В целом, разделяя озабоченность многих исследователей по поводу попыток механистического переноса теории "борьбы за существование" на общественные системы, мы считаем, что этические принципы все же имеют эволюционную основу.
Во-первых, биологическая эволюция это не только "борьба за существование", но и кооперативность и взаимопомощь, и, во-вторых, несостоятельность методологии биологического эволюционизма в этике вовсе не означает несостоятельности методологии эволюционной этики вообще. Мы не случайно вспомнили уже, казалось бы, забытые концепции пионеров эволюционной этики, поскольку сейчас, когда, казалось бы, очевидна несостоятельность прямой экстраполяции закономерностей биологической эволюции на общественные системы, эволюционная этика социал-дарвинистов не только не принадлежит истории, но и переживает свое второе рождение. По пути абсолютизации биологической (генной) природы культурной эволюции пошли и представители ранней, классической социобиологии (Э. Уилсон и Р. Александер). Особый интерес представляет подход другого социобиолога Р. Докинза к данной проблеме, поэтому его взгляд на социальную эволюцию будет рассмотрен отдельно.
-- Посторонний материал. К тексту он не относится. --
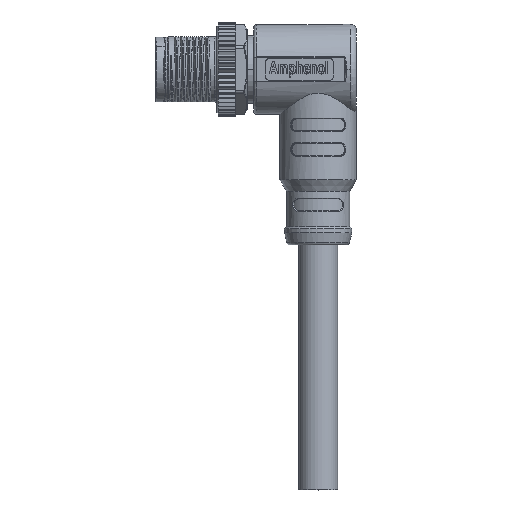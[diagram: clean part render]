
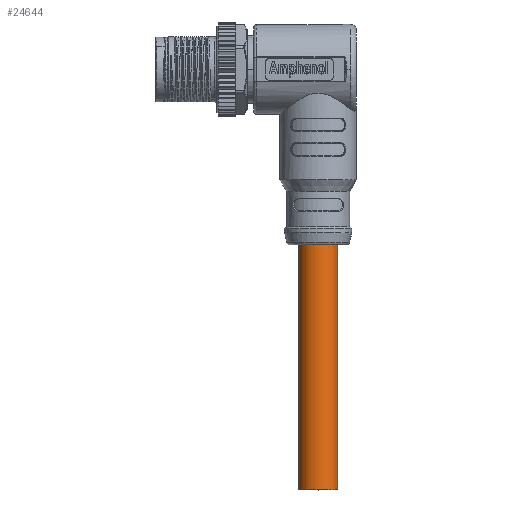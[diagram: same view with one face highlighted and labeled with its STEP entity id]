
A CAD part, top view. The second image highlights one B-rep face of the part: STEP entity #24644.
In plain terms, the highlighted cylindrical face has radius 3.2 mm (diameter 6.4 mm), a partial arc.
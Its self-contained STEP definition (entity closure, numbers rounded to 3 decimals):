
#6610=CARTESIAN_POINT('',(26.55,-28.65,0.));
#6611=DIRECTION('',(0.,1.,0.));
#6612=DIRECTION('',(-1.,0.,0.));
#6613=AXIS2_PLACEMENT_3D('',#6610,#6611,#6612);
#6615=DIRECTION('',(0.,1.,0.));
#6616=VECTOR('',#6615,40.);
#6617=CARTESIAN_POINT('',(29.75,-68.65,0.));
#6618=LINE('',#6617,#6616);
#6619=DIRECTION('',(0.,1.,0.));
#6620=VECTOR('',#6619,40.);
#6621=CARTESIAN_POINT('',(23.35,-68.65,0.));
#6622=LINE('',#6621,#6620);
#6628=CARTESIAN_POINT('',(26.55,-68.65,0.));
#6629=DIRECTION('',(0.,1.,0.));
#6630=DIRECTION('',(-1.,0.,0.));
#6631=AXIS2_PLACEMENT_3D('',#6628,#6629,#6630);
#18358=CARTESIAN_POINT('',(29.75,-68.65,0.));
#18359=CARTESIAN_POINT('',(23.35,-68.65,0.));
#18360=VERTEX_POINT('',#18358);
#18361=VERTEX_POINT('',#18359);
#18362=CARTESIAN_POINT('',(29.75,-28.65,0.));
#18363=CARTESIAN_POINT('',(23.35,-28.65,0.));
#18364=VERTEX_POINT('',#18362);
#18365=VERTEX_POINT('',#18363);
#24632=CARTESIAN_POINT('',(26.55,-68.65,0.));
#24633=DIRECTION('',(0.,1.,0.));
#24634=DIRECTION('',(1.,0.,0.));
#24635=AXIS2_PLACEMENT_3D('',#24632,#24633,#24634);
#24636=CYLINDRICAL_SURFACE('',#24635,3.2);
#24637=ORIENTED_EDGE('',*,*,#24605,.T.);
#24638=ORIENTED_EDGE('',*,*,#24627,.F.);
#24640=ORIENTED_EDGE('',*,*,#24639,.F.);
#24641=ORIENTED_EDGE('',*,*,#24623,.T.);
#24642=EDGE_LOOP('',(#24637,#24638,#24640,#24641));
#24643=FACE_OUTER_BOUND('',#24642,.F.);
#24644=ADVANCED_FACE('',(#24643),#24636,.T.);
#6614=CIRCLE('',#6613,3.2);
#6632=CIRCLE('',#6631,3.2);
#24605=EDGE_CURVE('',#18365,#18364,#6614,.T.);
#24623=EDGE_CURVE('',#18361,#18365,#6622,.T.);
#24627=EDGE_CURVE('',#18360,#18364,#6618,.T.);
#24639=EDGE_CURVE('',#18361,#18360,#6632,.T.);
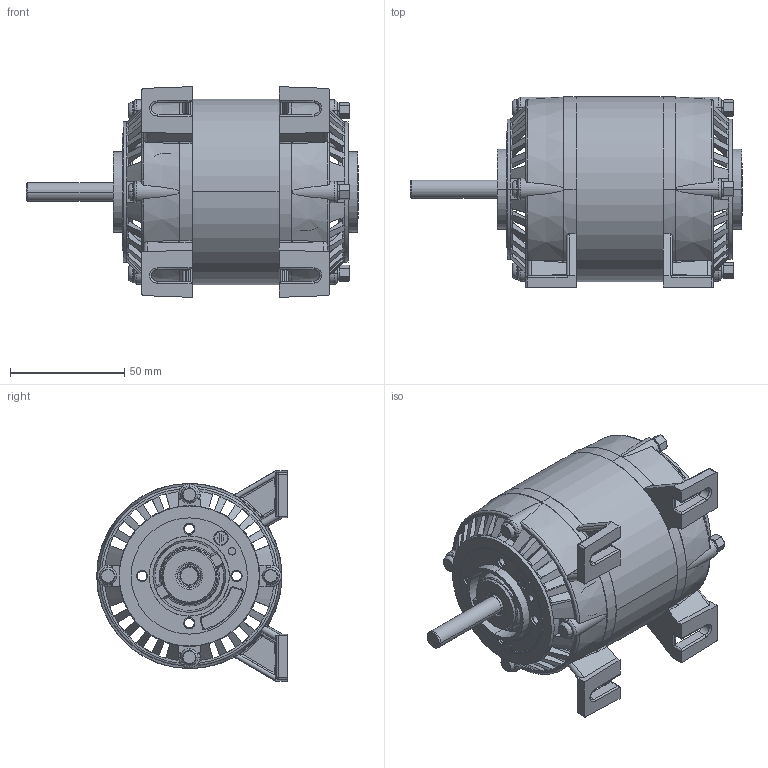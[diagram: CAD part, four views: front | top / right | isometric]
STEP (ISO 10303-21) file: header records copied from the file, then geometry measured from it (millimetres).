
FILE_DESCRIPTION (( 'STEP AP214' ), '1' );
FILE_NAME ('SD41 VENT F.STEP', '2021-07-05T09:54:39', ( '' ), ( '' ), 'SwSTEP 2.0', 'SolidWorks 2020', '' );
FILE_SCHEMA (( 'AUTOMOTIVE_DESIGN' ));
Length unit declared in the file: millimetre
Products named in the file (1): SD41 VENT F
Bounding box: 145.12 x 83.35 x 92.08 mm (x, y, z)
Surface area: 58435.7 mm2 (no closed solid volume)
Topology: 0 solids, 22 shells, 800 faces, 2945 edges, 2089 vertices
Faces by surface type: plane 317, cylinder 272, cone 115, bspline 72, torus 20, sphere 4
Entity records: 47325 total; most frequent: CARTESIAN_POINT 14574, ORIENTED_EDGE 4976, DIRECTION 4741, EDGE_CURVE 2933, VERTEX_POINT 2089, AXIS2_PLACEMENT_3D 1684, VECTOR 1373, LINE 1373

Основатель социобиологии Эдвард О. Уилсон утверждает, в частности, что именно эволюционирующему разуму принадлежит основная роль, предоставляющая все более широкие возможности выживания и размножения. Для столь сильного утверждения необходимо, по крайней мере, располагать фактами, подтверждающими биологические преимущества прогрессивного роста в культурной сфере эволюции человека. Отсюда понятна ирония даже его ближайшего единомышленника, известного канадского философа Рьюза: "...никто даже и не думает, что человек с лучшей научной теорией будет более способен к воспроизводству. В конце концов, Коперник, Декарт и Ньютон... умерли бездетными" [38, с.27]. Впрочем, Рьюз вовсе не отказывается от биологической природы социальной этики. Он делает далеко идущее заявление: "...вероятно, настало время изъять этическую проблематику у философов и "биологизировать" ее" [37, с.45].